**What to produce**
Please repeat, from the entries that follow, the lines from the one containing "curve 4: arc" through the one containing "plane 6: x = -184.5" exactly, adding nothing.
━━━━━ Data for this task ━━━━━
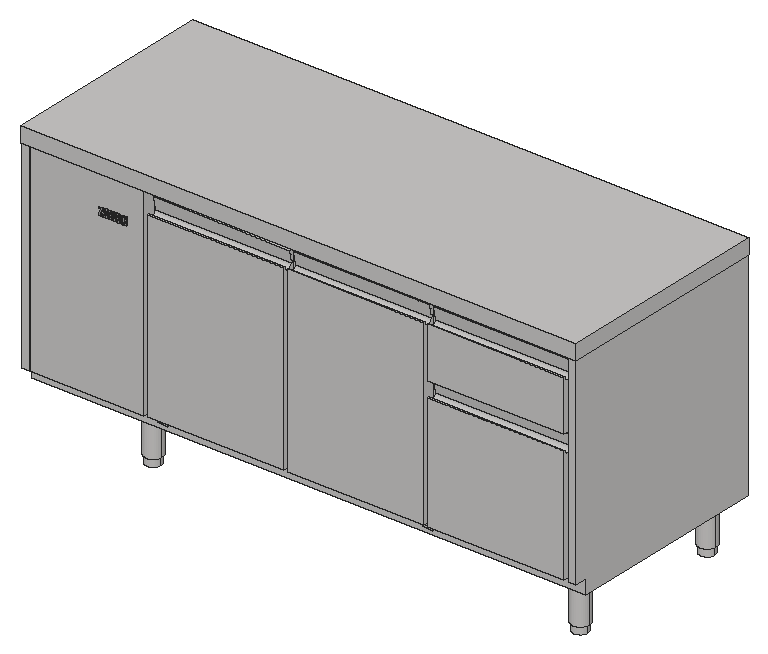
Revit family "QF_ZANUSSI_111045_ZH3HBAAD", category Specialty Equipment, Revit 2018
Family settings
  Round Connector Dimension = Use Diameter
  Part Type = Normal
  Work Plane-Based = No
  Always vertical = Yes
  Cut with Voids When Loaded = No
  Shared = No
  Room Calculation Point = No
Parameters
  Weight = 0.00 kg
  Watts = 0.0232258 W
  Volts = 220 V
  URL Manufacturer = "http://www.zanussiprofessional.com/"
  URL = "http://www.zanussiprofessional.com/"
  Steam Supply Size = 0 mm
  Steam Supply Minimum Pressure = 0.0 Pa
  Steam Supply Maximum Pressure = 0.0 Pa
  Steam Pounds per Hour = 0
  Show Logo [instance] = yes
  Show Clearance [instance] = yes
  Refrigeration Suction Line Size = 0 mm
  Refrigeration Liquid Line Size = 0 mm
  Refrigerant Compressor Remote = yes
  Manufacturer = "Zanussi"
  Phase = 1
  Model = "ZH3HBAAD"
  Length Actual = 1799 mm  # constant formula
  Item Number = "111045"
  Hot Water Size = 0 mm
  Height Actual = 900 mm  # constant formula
  HP = "0.3 HP"
  Gas Size = 0 mm
  Gas KW = 0
  Gas Input Pressure = 0 W
  Description = "2DOOR+1/3+2/3DRAWERS REF.TABLE 440L"
  Depth Actual = 700 mm  # constant formula
  Cycle = 50 Hz
  Condensate Return Size = 0 mm
  Compressed Air Volume = 0.0 L/s
  Compressed Air Size = 0 mm
  Compressed Air Pressure = 0.0 Pa
  Cold Water Size = 0 mm
  Accessory = yes
Reference planes
  plane 1 "Center X": y = 182.5
  plane 2: z = 0
  plane 3 "Center Y": x = -353.5
  plane 4: y = -62.5
  plane 5: y = 451.5
  plane 6 "BACK": y = 532.5
  plane 7 "FRONT": y = -167.5
  plane 8: x = -906
  plane 9: x = 478
  plane 10: z = 150
  plane 11 "TOP": z = 900
  plane 12: z = 850
  plane 13 "LEFT": x = -1251
  plane 14 "RIGHT": x = 544
  plane 15: x = -1253
  plane 16: x = 546
Forms (mm)
  Extrusion 1, solid, material "QF_Finishes_Stainless Steel"
    sketch origin (-353.5, 2, 0) x (0, 1, 0) y (0, 0, 1)
      loop
        line (530.5, 150) -> (530.5, 850) -> (-124.5, 850) -> (-124.5, 150) -> (530.5, 150)
    from -897.5 to 897.5
  Extrusion 2, solid, material "QF_Finishes_Stainless Steel"
    sketch origin (-1022.223, -1524, 150) x (-1, 0, 0) y (0, -1, 0)
      loop
        line (228.777, -1361.5) -> (203.777, -1361.5) -> (203.777, -1401.5) -> (228.777, -1401.5) -> (228.777, -1361.5)
      loop
        line (-1566.223, -1401.5) -> (-1541.223, -1401.5) -> (-1541.223, -1361.5) -> (-1566.223, -1361.5) -> (-1566.223, -1401.5)
    from 47 to 700
  Extrusion 3, solid, material "QF_Finishes_Stainless Steel"
    sketch origin (0, 0, 900) x (-1, 0, 0) y (0, -1, 0)
      loop
        circle (170, -94.5) r 8.45
    from -790.577 to -750
  Extrusion 4, solid, material "QF_Finishes_Stainless Steel"
    sketch origin (0, 0, 0) x (1, 0, 0) y (0, 1, 0)
      loop
        circle (-1167, 451.5) r 4
    from 109.423 to 150
  Extrusion 5, solid, material "QF_Finishes_Stainless Steel"
    sketch origin (-126.5, 0, 0) x (0, 1, 0) y (0, 0, 1)
      loop
        line (-167.5, 900) -> (-167.5, 850) -> (532.5, 850) -> (532.5, 900) -> (-167.5, 900)
    from 672.5 to -1126.5
Cuts and joins
  joined: Extrusion 1, Extrusion 2
Lines and regions (mm)
  symbolic lines, style "SpecialityEquipmentHiddenLines"
    curve 1: line (-1253, -122.5, 900) -> (546, -122.5, 900)
    curve 2: line (-850, -167.5, 900) -> (-850, -122.5, 900)
  symbolic lines, style "SpecialityEquipment"
    curve 3: line (-1253, 532.5, 900) -> (546, 532.5, 900)
    curve 4: line (-1253, 532.5, 900) -> (-1253, -167.5, 900)
    curve 5: line (-1253, -167.5, 900) -> (546, -167.5, 900)
    curve 6: line (546, -167.5, 900) -> (546, 532.5, 900)
Dimensions and locks
  locked: plane 6 "BACK" to plane 7 "FRONT" at 700
  equal spacing: plane 6 "BACK", plane 1 "Center X", plane 7 "FRONT"
  locked: plane 6 "BACK" to plane 5 at 81
  plane 10 to level = 150 mm
  plane 11 "TOP" to plane 12 to plane 10 = 50 mm locked, 700 mm locked
  locked: Extrusion 2 sketch curve to Extrusion 2 sketch curve at 25  (x2)
  locked: plane 4 to plane 7 "FRONT" at 105
  locked: plane 6 "BACK" to Extrusion 3 sketch curve at 438
  equal spacing: plane 13 "LEFT", plane 3 "Center Y", plane 14 "RIGHT"
  plane 15 to plane 16 = 1799 mm
  locked: plane 13 "LEFT" to plane 8 at 345
  locked: plane 9 to plane 14 "RIGHT" at 66
  Extrusion 3 sketch curve to plane 14 "RIGHT" = 714 mm
  plane 13 "LEFT" to Extrusion 4 sketch curve = 84 mm
  locked: plane 6 "BACK" to Extrusion 4 sketch curve at 81
  locked: plane 10 to Extrusion 4 at 40.577
  aligned and locked: level to plane 2
  aligned and locked: plane 10 to Extrusion 3
  aligned and locked: nested 4 to plane 4
  aligned and locked: nested 1 to plane 4
  aligned and locked: nested 3 to plane 5
  aligned and locked: nested 2 to plane 5
  aligned and locked: plane 8 to nested 1
  aligned and locked: plane 8 to nested 2
  aligned and locked: plane 9 to nested 4
  aligned and locked: plane 9 to nested 3
  aligned and locked: Extrusion 1 to Extrusion 2
  aligned and locked: Extrusion 2 to Extrusion 1
  aligned and locked: Extrusion 2 sketch curve to plane 14 "RIGHT"
  aligned and locked: plane 13 "LEFT" to Extrusion 2 sketch curve
  aligned and locked: cut or joined group of Extrusion 1, Extrusion 2 to plane 10
  aligned and locked: plane 12 to cut or joined group of Extrusion 1, Extrusion 2
  aligned and locked: plane 10 to Extrusion 4
Automatic sketch dimensions
  plane 7 "FRONT" to Extrusion 2 sketch curve = 45 mm  (x2)
  plane 7 "FRONT" to Extrusion 2 sketch curve = 5 mm  (x2)
  Extrusion 1 sketch curve to plane 10 = 0 mm
  Extrusion 1 sketch curve to plane 12 = 0 mm
  Extrusion 1 sketch curve to plane 6 "BACK" = 0 mm
  plane 7 "FRONT" to Extrusion 1 sketch curve = 45 mm
  Extrusion 5 sketch curve to plane 7 "FRONT" = 0 mm
  Extrusion 5 sketch curve to plane 6 "BACK" = 0 mm
  Extrusion 5 sketch curve to plane 12 = 0 mm
  Extrusion 5 sketch curve to plane 11 "TOP" = 0 mm
  curve 6 to plane 6 "BACK" = 0 mm
  curve 6 to plane 16 = 0 mm
  curve 2 to plane 7 "FRONT" = 0 mm
  curve 5 to plane 15 = 0 mm
  plane 8 to curve 2 = 56 mm
  curve 1 to curve 4 = 45 mm
  radius of Extrusion 3 sketch curve = 8.45 mm
  radius of Extrusion 4 sketch curve = 4 mm
Nested families
  nested 1: "Foot_Ø50_H150" at (-906, -62.5, 0), type "Foot_Ø50_H150"
  nested 2: "Foot_Ø50_H150" at (-906, 451.5, 0), type "Foot_Ø50_H150"
  nested 3: "Foot_Ø50_H150" at (478, 451.5, 0), type "Foot_Ø50_H150"
  nested 4: "Foot_Ø50_H150" at (478, -62.5, 0), type "Foot_Ø50_H150"
  nested 5: "1x1-3 1x2-3 Drawers" at (285, -164.5, 0), Show Clearance <- "Show Clearance", type "1x1-3 1x2-3 Drawers"
  nested 6: "Door" at (-169, -164.5, 0), Show Clearance <- "Show Clearance", type "Door"
  nested 7: "Refrigerator" at (544, -167.5, 900), type "Refrigerator"
  nested 8: "ZAN_Cooling Unit" at (-1041.5, -164.5, 0), Show Logo <- "Show Logo", type "ZAN_Cooling Unit"
  nested 9: "Door" at (-623, -164.5, 0) x (-1, 0, 0) z (0, 0, 1), Show Clearance <- "Show Clearance", type "Door"
Connectors
  electrical at (-1167, 451.5, 109.423), driven by "Volts"
    settings: on Extrusion 4, index 4, voltage 220 V, apparent load 0 VA, apparent load phase1 0 VA, apparent load phase2 0 VA, apparent load phase3 0 VA, power factor 1, load classification "Altro", number of poles 1, system type 30, power factor state 1, is connector primary yes, connector utility no, sub classification motor no, connector description "Electrical Connection"
  piping at (-170, 94.5, 109.423), diameter 17
    settings: on Extrusion 3, index 5, connector inside diameter 609.6 mm, connector length 0 mm, flow factor 0, pipe flow 0.0 L/s, pressure drop 0.0 Pa, fitting loss kfactor 0, connector angle 0.00°, fixture units 0, engagement length 0 mm, angle of deflection 0.00°, flow configuration 1, flow direction 2, fitting loss method 0, system type 16, joint type 0, gender type 0, connector reference index -1, connector utility 0, adjustable connector no, is connector primary yes, connector description "Drain"
Definition of nested family "Foot_Ø50_H150"
  Reference planes
    plane 1 "Centro (Fronte/Retro)": y = 0
    plane 2: z = 0
    plane 3 "Centro (Sinistra/Destra)": x = 0
    plane 4: z = 150
  Forms (mm)
    Revolve 1, solid
      sketch origin (255.05, 0, 608.09) x (0, 0, 1) y (-1, 0, 0)
        loop
          line (-608.09, 255.05) -> (-608.09, 230.05) -> (-583.09, 230.05) -> (-583.09, 226.05) -> (-458.09, 226.05) -> (-458.09, 255.05) -> (-608.09, 255.05)
        axis (-608.09, 255.05) -> (-458.09, 255.05)
      angle from 0 to 360
  Dimensions and locks
    locked: Revolve 1 sketch curve to Revolve 1 sketch curve at 125
    aligned and locked: level to plane 2
    aligned and locked: plane 4 to Revolve 1 sketch curve
    aligned and locked: Revolve 1 sketch curve to level
    aligned and locked: plane 3 "Centro (Sinistra/Destra)" to Revolve 1 sketch curve
Definition of nested family "1x1-3 1x2-3 Drawers"
  Parameters
    Show Clearance [instance] = yes
  Reference planes
    plane 1 "FRONT": y = -3
    plane 2: z = 0
    plane 3 "Centro (Sinistra/Destra)": x = 0
    plane 4: z = 150
    plane 5: z = 850
    plane 6: x = -234
    plane 7: x = 234
    plane 8: x = -220
    plane 9: x = 220
  Forms (mm)
    Extrusion 1, solid
      sketch origin (0, 55, 511) x (0, 0, 1) y (0, -1, 0)
        loop
          line (314, 18) -> (314, 29) -> (274.395, 22.5)
          arc (274.395, 22.5) -> (260.395, 36.5) -> (274.395, 50.5) r 14
          line (274.395, 50.5) -> (274.395, 53) -> (111.333, 53) -> (111.333, 18) -> (314, 18)
        loop
          line (101.333, 29) -> (61.728, 22.5)
          arc (61.728, 22.5) -> (47.728, 36.5) -> (61.728, 50.5) r 14
          line (61.728, 50.5) -> (61.728, 53) -> (-314, 53) -> (-314, 18) -> (101.333, 18) -> (101.333, 29)
      from -220 to 220
    Extrusion 2, solid, visible <- "Show Clearance", detail levels coarse
      sketch origin (0, -462, 511) x (0, 0, 1) y (0, -1, 0)
        loop
          line (-314, 109) -> (-314, -464) -> (101.333, -464) -> (101.333, 109) -> (-314, 109)
        loop
          line (314, -464) -> (314, 109) -> (111.333, 109) -> (111.333, -464) -> (314, -464)
      from -220 to 220
  Lines and regions (mm)
    symbolic lines
      curve 1: line (-220, -208, 0) -> (-220, -243, 0)
      curve 2: line (220, -243, 0) -> (220, -208, 0)
      curve 3: line (-190, -3, 0) -> (-190, -48, 0)
      curve 4: line (220, -48, 0) -> (-220, -48, 0)
      curve 5: line (-220, -48, 0) -> (-220, -83, 0)
      curve 6: line (-220, -83, 0) -> (220, -83, 0)
      curve 7: line (220, -83, 0) -> (220, -48, 0)
      curve 8: line (190, -48, 0) -> (190, -3, 0)
      curve 9: line (-190, -83, 0) -> (-190, -208, 0)
      curve 10: line (190, -208, 0) -> (190, -83, 0)
      curve 11: line (220, -208, 0) -> (-220, -208, 0)
      curve 12: line (-220, -208, 0) -> (-220, -243, 0)
      curve 13: line (-220, -243, 0) -> (220, -243, 0)
      curve 14: line (220, -243, 0) -> (220, -208, 0)
  Dimensions and locks
    aligned and locked: level to plane 2
Definition of nested family "Door"
  Parameters
    Show Clearance [instance] = yes
  Reference planes
    plane 1 "FRONT": y = -3
    plane 2: z = 0
    plane 3 "Centro (Sinistra/Destra)": x = 0
    plane 4: z = 150
    plane 5: z = 850
    plane 6: x = -234
    plane 7: x = 234
    plane 8: x = -220
    plane 9: x = 220
  Forms (mm)
    Extrusion 1, solid
      sketch origin (0, 53, 511) x (0, 0, 1) y (0, -1, 0)
        loop
          line (-323.003, 28.5) -> (-316.501, 28.5) -> (-316.501, 31) -> (-325.503, 31) -> (-325.503, 13.5) -> (-345.503, 13.5) -> (-345.503, 11) -> (-323.003, 11) -> (-323.003, 23.259) -> (-323.003, 28.5)
        loop
          line (-314, 27) -> (-316.501, 27) -> (-316.501, 18.501) -> (-319.752, 18.501) -> (-319.752, 16) -> (-314, 16) -> (-314, 27)
        loop
          line (315.003, 27) -> (315.003, 13.948) -> (315.003, 11) -> (327.503, 11) -> (327.503, 13.5) -> (317.503, 13.5) -> (317.503, 27) -> (315.003, 27)
      from 185 to 220
    Extrusion 2, solid, visible <- "Show Clearance", detail levels coarse
      sketch origin (0, 53, 511) x (0, -1, 0) y (1, 0, 0)
        loop
          line (51, 220) -> (51, -220)
          arc (51, -220) -> (339.234, -79.44) -> (454, 220) r 437.168
          line (454, 220) -> (51, 220)
      from -314 to 314
    Extrusion 3, solid
      sketch origin (0, 55, 511) x (0, 0, 1) y (0, -1, 0)
        loop
          line (314, 18) -> (314, 29) -> (274.395, 22.5)
          arc (274.395, 22.5) -> (260.395, 36.5) -> (274.395, 50.5) r 14
          line (274.395, 50.5) -> (274.395, 53) -> (-314, 53) -> (-314, 18) -> (314, 18)
      from -220 to 220
  Lines and regions (mm)
    symbolic lines
      curve 1: line (220, -3, 0) -> (220, -401, 0)
      curve 2: line (220, -401, 0) -> (185, -401, 0)
      curve 3: line (185, -401, 0) -> (185, -3, 0)
      curve 4: arc (-219.722, -3, 0) -> (-89.51, -275.368, 0) -> (185, -401, 0) r 442.855
  Dimensions and locks
    aligned and locked: level to plane 2
Definition of nested family "ZAN_Cooling Unit"
  Parameters
    Show Logo [instance] = yes
  Reference planes
    plane 1 "FRONT": y = -3
    plane 2: z = 0
    plane 3 "Centro (Sinistra/Destra)": x = 0
    plane 4: z = 150
    plane 5: z = 850
    plane 6: x = -184.5
    plane 7: x = 184.5
  Forms (mm)
    Extrusion 1, solid
      sketch origin (0, 55, 511) x (0, 0, 1) y (0, -1, 0)
        loop
          line (-314, 53) -> (-314, 13) -> (339, 13) -> (339, 53) -> (-314, 53)
      from -184.5 to 184.5
  Lines and regions (mm)
    Split face 1
      outline origin (0, 2, 197) x (0, 0, 1) y (-1, 0, 0)
        loop
          line (566.835, 184.5) -> (566.835, -184.5)
        loop
          line (521.835, 184.5) -> (521.835, -184.5)
    Split face 2
      outline origin (0, 2, 197) x (0, 0, 1) y (-1, 0, 0)
        loop
          arc (510.649, 158.547) -> (506.648, 162.548) -> (502.647, 158.547) r 4.001
          line (502.647, 158.547) -> (502.647, 116.535)
          arc (502.647, 116.535) -> (506.648, 112.533) -> (510.649, 116.535) r 4.001
          line (510.649, 116.535) -> (510.649, 158.547)
    Split face 3
      outline origin (0, 2, 184.996) x (0, 0, 1) y (-1, 0, 0)
        loop
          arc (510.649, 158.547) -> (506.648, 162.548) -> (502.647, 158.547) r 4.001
━━━━━
**Exercise result**
      curve 4: arc (-219.722, -3, 0) -> (-89.51, -275.368, 0) -> (185, -401, 0) r 442.855
  Dimensions and locks
    aligned and locked: level to plane 2
Definition of nested family "ZAN_Cooling Unit"
  Parameters
    Show Logo [instance] = yes
  Reference planes
    plane 1 "FRONT": y = -3
    plane 2: z = 0
    plane 3 "Centro (Sinistra/Destra)": x = 0
    plane 4: z = 150
    plane 5: z = 850
    plane 6: x = -184.5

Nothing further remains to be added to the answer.